Yes, my friends, this is the I AM.  This is God—this is our God—this is our Heavenly Father; not a proud and selfish Being, who looks down haughtily from afar off on all the misery and ignorance of the world, but as a wise man of old said, “A most merciful God, a revealer of secrets, who showeth to man the things which he knew not.”  This is our God—not a tyrant, but a Deliverer—not a condemning God, but a saving God, who wills that none should perish, who sends to seek and to save those who are lost, who sends His sun to shine on the just and the unjust, and is good to the unthankful and the evil.  A God who so loved the world which He had made, in spite of all its sin and follies, that He spared not His only begotten Son, but freely gave Him for it.  A God who sits on His throne for ever judging right, and ministering true judgment among the people, who from His throne beholds all those who dwell upon the earth, and fashions the hearts of them, and understandeth all their works.  A God who comes out of His place to visit the wrong done on the earth, and be a refuge for the oppressed, and a help in time of trouble, to help the fatherless and poor unto their right, that the men of this world be no more exalted against them.

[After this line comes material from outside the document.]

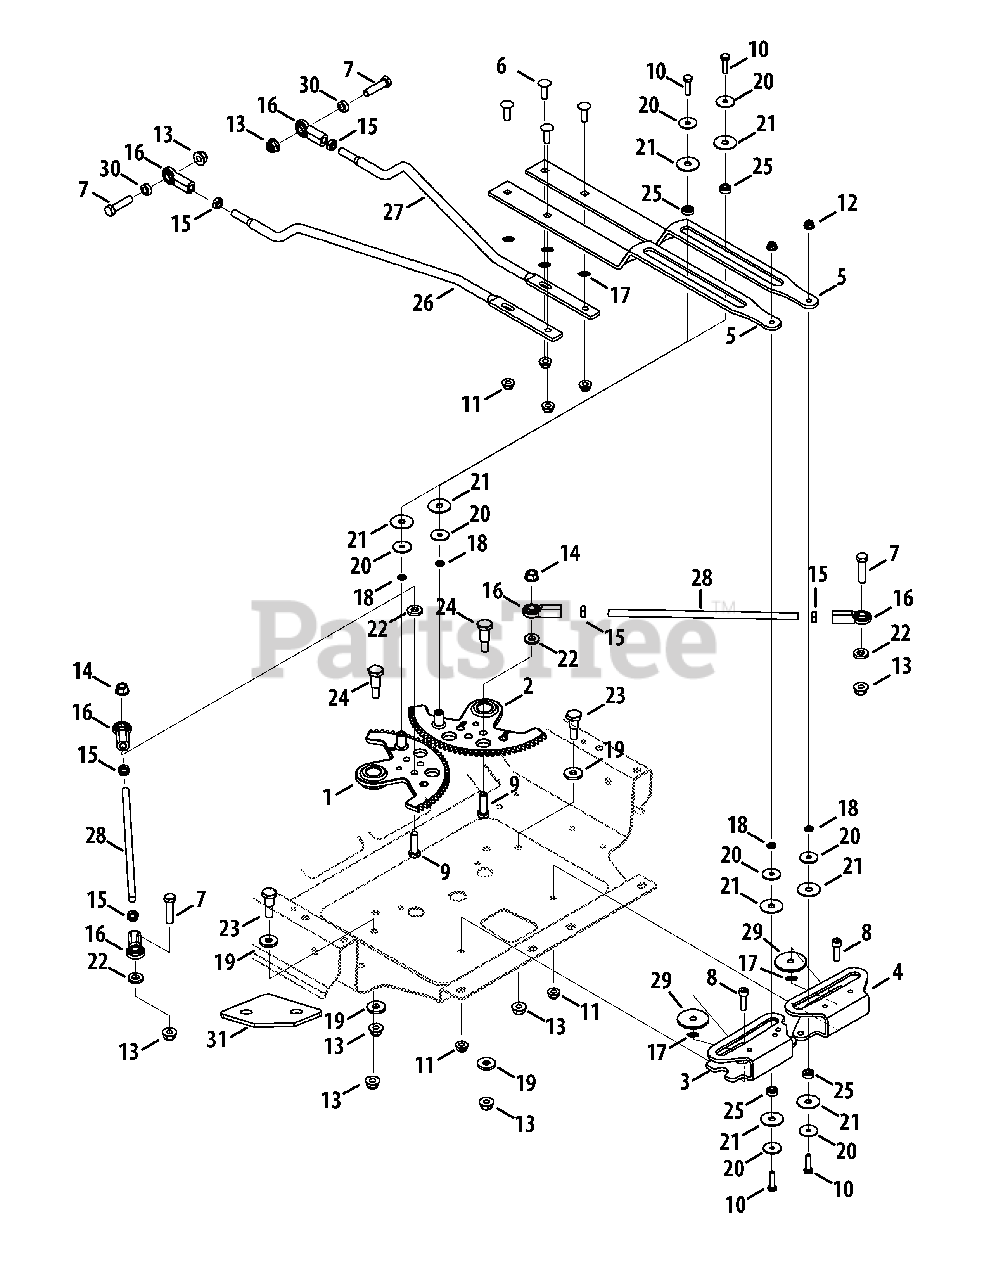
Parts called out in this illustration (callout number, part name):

This is our God.  This is our Father—always condescending, always patient, always loving, always just.  And always active, always working to do good to all his creatures, like that exact pattern and copy of Himself, the Lord Jesus Christ, who said, “My Father worketh hitherto, and I work.”  (John v. 17).

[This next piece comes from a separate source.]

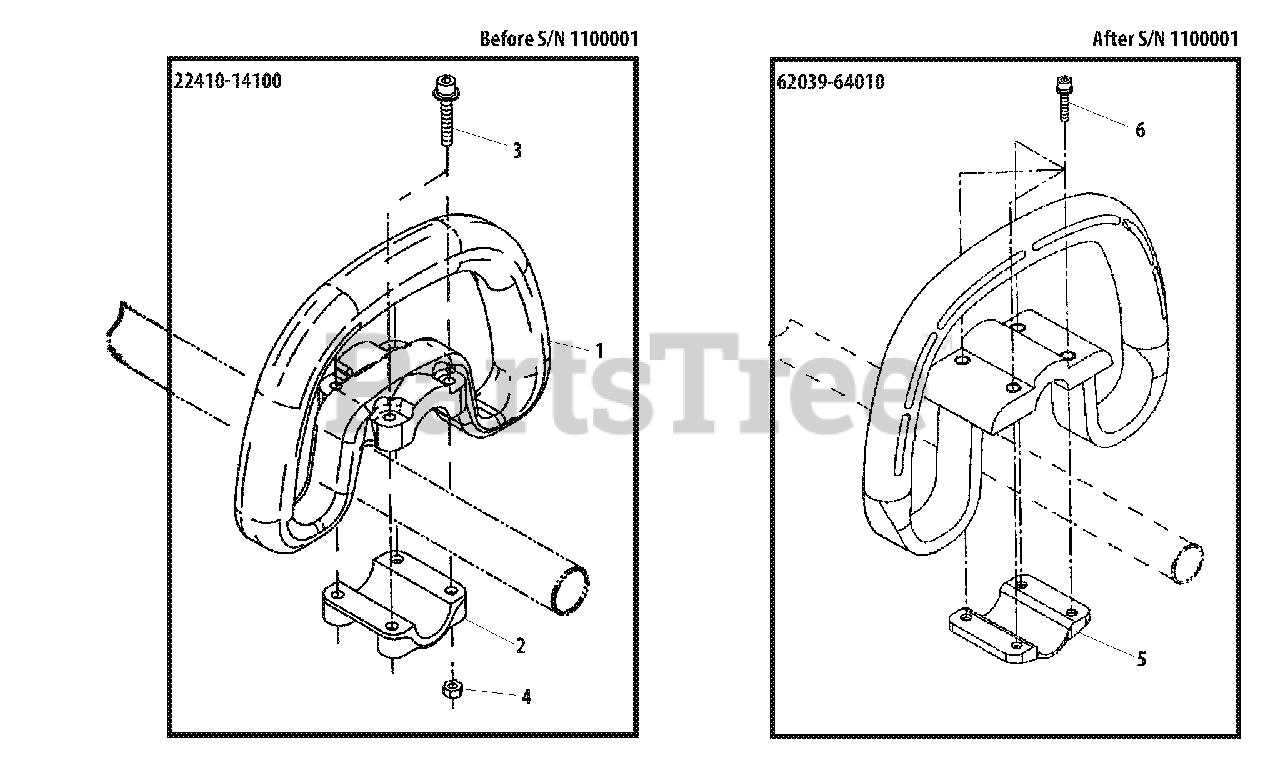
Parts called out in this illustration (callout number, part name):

But again: “I AM hath sent me unto you.”

Unto whom?  Who was Moses sent to?  To the Children of Israel in Egypt.  And what sort of people were they?  Were they wise and learned?  On the contrary they were stupid, ignorant, and brutish.  Were they pious and godly?  On the contrary they were worshipping the foolish idols of the Egyptians—so fond of idolatry that they must needs make a golden calf and worship it.  Were they respectable and cleanly livers?  Were they teachable and obedient?  On the contrary, they were profligate, stiff-necked, murmurers, disobedient, unwilling to trust God’s goodness, though He had shown them all those glorious signs and wonders for their sakes, and brought them out of Egypt with a mighty hand and a stretched-out arm.  Were they high-spirited and brave?  On the contrary, they were mean-spirited and cowards, murmuring against Moses and against God, if anything went wrong, for setting them free; ready to go back and be slaves to the Egyptians rather than face danger and fight; looking back and longing after the flesh-pots of Egypt, where they eat bread to the full, and willing to be slaves again and have all their men children drowned in the river, and themselves put to hard labour in the brick kilns, if they could only fill their stomachs.  And even at best when Moses had brought them to the very edge of that rich land of Canaan, which God had promised them, they were afraid to go into it, and win it for themselves; and God had to send them back again, to wander forty years in the wilderness, till all that cowardly, base, first generation, who came up out of Egypt was dead, and a new generation had grown up, made brave and hardy by their long training in the deserts, and taught to trust and obey God from their youth; and so able and willing to conquer the good land which God had promised them.

Altogether the Children of Israel, to whom God sent Moses, were plainly an ignorant, brutish, cowardly set of people, fallen lower far than the negroes of South America, fit to be slaves and nothing better.